All that is needed is a count of the lines in this data that contain the word "colour".

### Source material ###

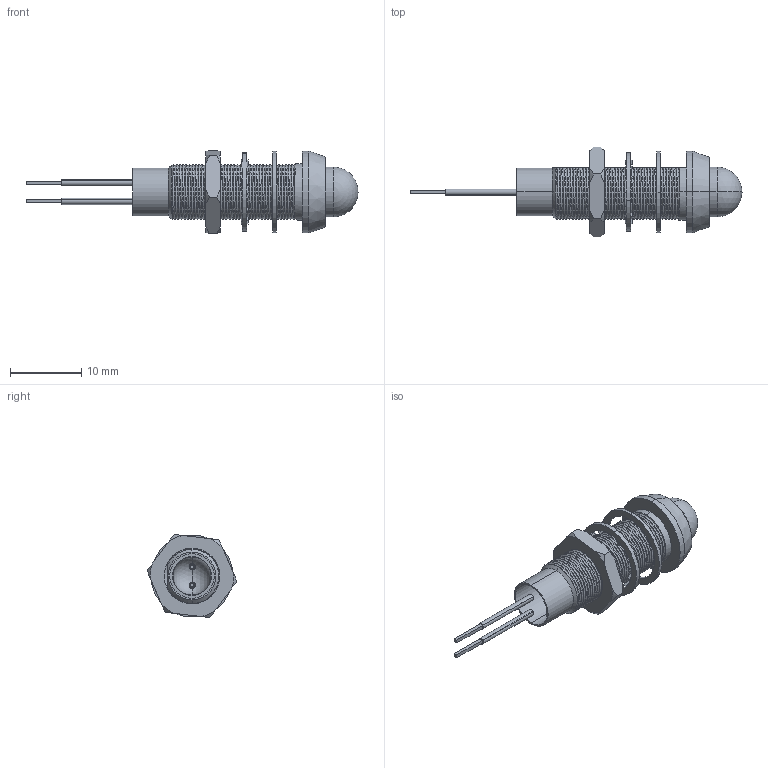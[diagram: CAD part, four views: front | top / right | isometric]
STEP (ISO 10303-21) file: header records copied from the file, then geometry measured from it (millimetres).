
FILE_DESCRIPTION (( 'STEP AP203' ), '1' );
FILE_NAME ('614 Bi-colour.STEP', '2016-08-04T14:55:32', ( '' ), ( '' ), 'SwSTEP 2.0', 'SolidWorks 2016', '' );
FILE_SCHEMA (( 'CONFIG_CONTROL_DESIGN' ));
Length unit declared in the file: millimetre
Products named in the file (8): Heatshrink R5 L5; COM2212; COM3554_threaded; 7DD; Part1^614-BIseries; COM3577; COM2236; 614 Bi-colour
Assembly tree (8 placements, depth 2):
  614 Bi-colour
    COM3554_threaded
    7DD
    COM2212
    COM2236
    COM3577
    Heatshrink R5 L5  x2
    Part1^614-BIseries
Bounding box: 46.6 x 12.62 x 11.66 mm (x, y, z)
Volume: 723.6 mm3; surface area: 2245.4 mm2
Topology: 9 solids, 9 shells, 353 faces, 979 edges, 644 vertices
Faces by surface type: bspline 138, plane 105, cylinder 78, cone 28, sphere 4
Entity records: 171723 total; most frequent: CARTESIAN_POINT 163747, ORIENTED_EDGE 1918, DIRECTION 987, EDGE_CURVE 959, VERTEX_POINT 632, AXIS2_PLACEMENT_3D 364, EDGE_LOOP 361, FACE_OUTER_BOUND 347

###

Problem solution
3